1980s to present[edit]

In 1980, a fire in a hotel conference center killed 13 members of Arrow’s senior management, including Glenn and Green. Waddell assumed leadership and, in 1982, recruited Stephen P. Kaufman, formerly a partner of McKinsey & Company, to join Arrow as President of the company’s Electronics Distribution Division. Kaufman succeeded Waddell as CEO in 1986 and as Chairman in 1994.

During his nearly two decades of service, Kaufman was the architect of Arrow’s bold consolidation of the U.S. electronics distribution industry as well as the company’s pioneering expansion into Europe and the Asia-Pacific region. Under Kaufman’s leadership, Arrow reshaped the landscape of worldwide electronics distribution, completing over 50 acquisitions of electronics distributors, including such prominent names as Ducommun (Kierulff), Lex (Schweber), Zeus, Anthem, Bell, and Wyle (all in the U.S.), Spoerle (Germany), Silverstar (Italy), and CAL (Hong Kong and China). Kaufman also led the company into the national distribution of commercial computer products, initially through its acquisition of Gates/FA Distributing. Arrow entered the 21st century with global sales of $9 billion—$6 billion of electronic components and $3 billion of computer products.

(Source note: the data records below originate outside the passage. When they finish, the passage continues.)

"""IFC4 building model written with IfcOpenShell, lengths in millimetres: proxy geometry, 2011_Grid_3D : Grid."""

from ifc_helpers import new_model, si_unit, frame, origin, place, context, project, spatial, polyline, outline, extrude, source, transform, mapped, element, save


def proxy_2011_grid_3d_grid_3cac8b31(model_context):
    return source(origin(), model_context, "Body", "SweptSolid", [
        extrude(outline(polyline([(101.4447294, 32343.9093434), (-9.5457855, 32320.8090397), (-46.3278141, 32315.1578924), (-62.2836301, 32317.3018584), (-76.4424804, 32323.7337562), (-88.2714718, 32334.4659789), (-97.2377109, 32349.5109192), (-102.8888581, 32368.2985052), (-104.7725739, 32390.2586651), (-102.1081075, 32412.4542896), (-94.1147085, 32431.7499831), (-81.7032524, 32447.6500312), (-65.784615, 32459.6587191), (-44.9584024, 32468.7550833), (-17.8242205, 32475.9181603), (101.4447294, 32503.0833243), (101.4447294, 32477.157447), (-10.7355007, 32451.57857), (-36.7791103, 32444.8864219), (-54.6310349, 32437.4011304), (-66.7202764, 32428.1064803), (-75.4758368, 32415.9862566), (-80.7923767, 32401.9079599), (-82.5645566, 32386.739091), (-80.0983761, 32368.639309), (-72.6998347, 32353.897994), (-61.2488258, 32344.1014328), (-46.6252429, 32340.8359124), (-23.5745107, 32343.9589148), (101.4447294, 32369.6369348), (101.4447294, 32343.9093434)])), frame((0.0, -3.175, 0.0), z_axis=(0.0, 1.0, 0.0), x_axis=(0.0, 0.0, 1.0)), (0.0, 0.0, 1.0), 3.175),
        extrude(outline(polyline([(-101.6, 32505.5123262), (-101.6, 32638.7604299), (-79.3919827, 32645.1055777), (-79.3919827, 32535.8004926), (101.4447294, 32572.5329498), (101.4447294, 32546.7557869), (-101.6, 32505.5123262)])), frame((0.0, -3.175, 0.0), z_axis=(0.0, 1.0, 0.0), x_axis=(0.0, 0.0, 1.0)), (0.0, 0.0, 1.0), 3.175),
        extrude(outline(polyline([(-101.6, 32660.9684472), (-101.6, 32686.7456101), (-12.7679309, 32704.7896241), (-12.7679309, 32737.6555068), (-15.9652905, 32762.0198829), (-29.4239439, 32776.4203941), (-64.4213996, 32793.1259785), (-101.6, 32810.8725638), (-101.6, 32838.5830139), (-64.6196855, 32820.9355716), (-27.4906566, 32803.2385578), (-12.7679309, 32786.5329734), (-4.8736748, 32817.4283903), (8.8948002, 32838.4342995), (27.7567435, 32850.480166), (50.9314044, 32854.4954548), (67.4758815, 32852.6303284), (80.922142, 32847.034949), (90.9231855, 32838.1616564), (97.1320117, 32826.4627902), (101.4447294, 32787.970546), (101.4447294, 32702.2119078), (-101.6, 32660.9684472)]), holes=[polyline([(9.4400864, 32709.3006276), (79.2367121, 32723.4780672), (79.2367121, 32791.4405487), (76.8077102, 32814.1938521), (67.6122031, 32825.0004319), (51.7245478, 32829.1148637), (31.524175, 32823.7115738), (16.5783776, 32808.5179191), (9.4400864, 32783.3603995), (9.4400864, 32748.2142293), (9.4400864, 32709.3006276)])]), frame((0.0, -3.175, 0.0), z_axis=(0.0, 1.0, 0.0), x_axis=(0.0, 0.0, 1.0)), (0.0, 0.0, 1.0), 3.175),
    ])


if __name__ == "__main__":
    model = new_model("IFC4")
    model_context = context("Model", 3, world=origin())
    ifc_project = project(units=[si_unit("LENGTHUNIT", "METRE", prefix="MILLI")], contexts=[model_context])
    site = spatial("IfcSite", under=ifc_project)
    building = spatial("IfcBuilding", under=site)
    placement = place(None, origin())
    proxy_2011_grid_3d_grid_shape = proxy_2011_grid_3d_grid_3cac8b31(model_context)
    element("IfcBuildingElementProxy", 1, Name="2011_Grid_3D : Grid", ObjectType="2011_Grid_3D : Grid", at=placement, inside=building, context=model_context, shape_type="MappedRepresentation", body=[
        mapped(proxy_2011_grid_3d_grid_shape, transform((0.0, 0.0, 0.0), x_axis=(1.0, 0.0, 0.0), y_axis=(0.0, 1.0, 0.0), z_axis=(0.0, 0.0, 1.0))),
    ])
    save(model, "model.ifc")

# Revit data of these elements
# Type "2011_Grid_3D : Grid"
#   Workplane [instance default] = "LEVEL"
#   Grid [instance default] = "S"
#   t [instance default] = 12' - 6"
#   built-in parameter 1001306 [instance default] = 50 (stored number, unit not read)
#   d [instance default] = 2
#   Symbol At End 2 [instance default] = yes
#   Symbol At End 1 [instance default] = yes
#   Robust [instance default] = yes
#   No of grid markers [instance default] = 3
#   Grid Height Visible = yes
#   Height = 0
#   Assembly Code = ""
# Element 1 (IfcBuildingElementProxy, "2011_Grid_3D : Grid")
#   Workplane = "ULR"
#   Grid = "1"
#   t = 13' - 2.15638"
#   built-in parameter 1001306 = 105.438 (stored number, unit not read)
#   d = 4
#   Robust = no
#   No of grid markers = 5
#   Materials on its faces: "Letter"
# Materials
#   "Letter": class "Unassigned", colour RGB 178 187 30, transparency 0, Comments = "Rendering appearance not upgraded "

Kaufman stepped down as CEO in 2000, retired as Chairman in 2002, and was succeeded by Daniel W. Duval, a 15-year Arrow board veteran. In 2003, William E. Mitchell, former President of the Global Services Division of Solectron Corporation, joined Arrow as Chief Executive Officer and, in 2006, became Chairman. During Mitchell’s six years at Arrow, sales climbed to $17 billion as the company increased shareholder returns, achieved record operating efficiencies, and completed 17 acquisitions.

Michael J. Long succeeded Mitchell as CEO in 2009 and as Chairman in 2010. A seasoned Arrow executive, Long joined the company in 1991 through the Lex acquisition and served in a number of increasingly senior management positions before becoming CEO. Since Long’s appointment, Arrow has completed 13 strategic acquisitions that further expand its global components and computer systems businesses, project the company into the unified communications arena, and add reverse logistics and end-of-life management to Arrow’s product-life-cycle services.

In 2011, Arrow ranked as number 140 on the Fortune 500 list (based on 2010 sales of $18.7 billion). Sales in 2011 was $21.4 billion. Arrow’s market capitalization advanced to the $5 billion level for the first time in the company's history.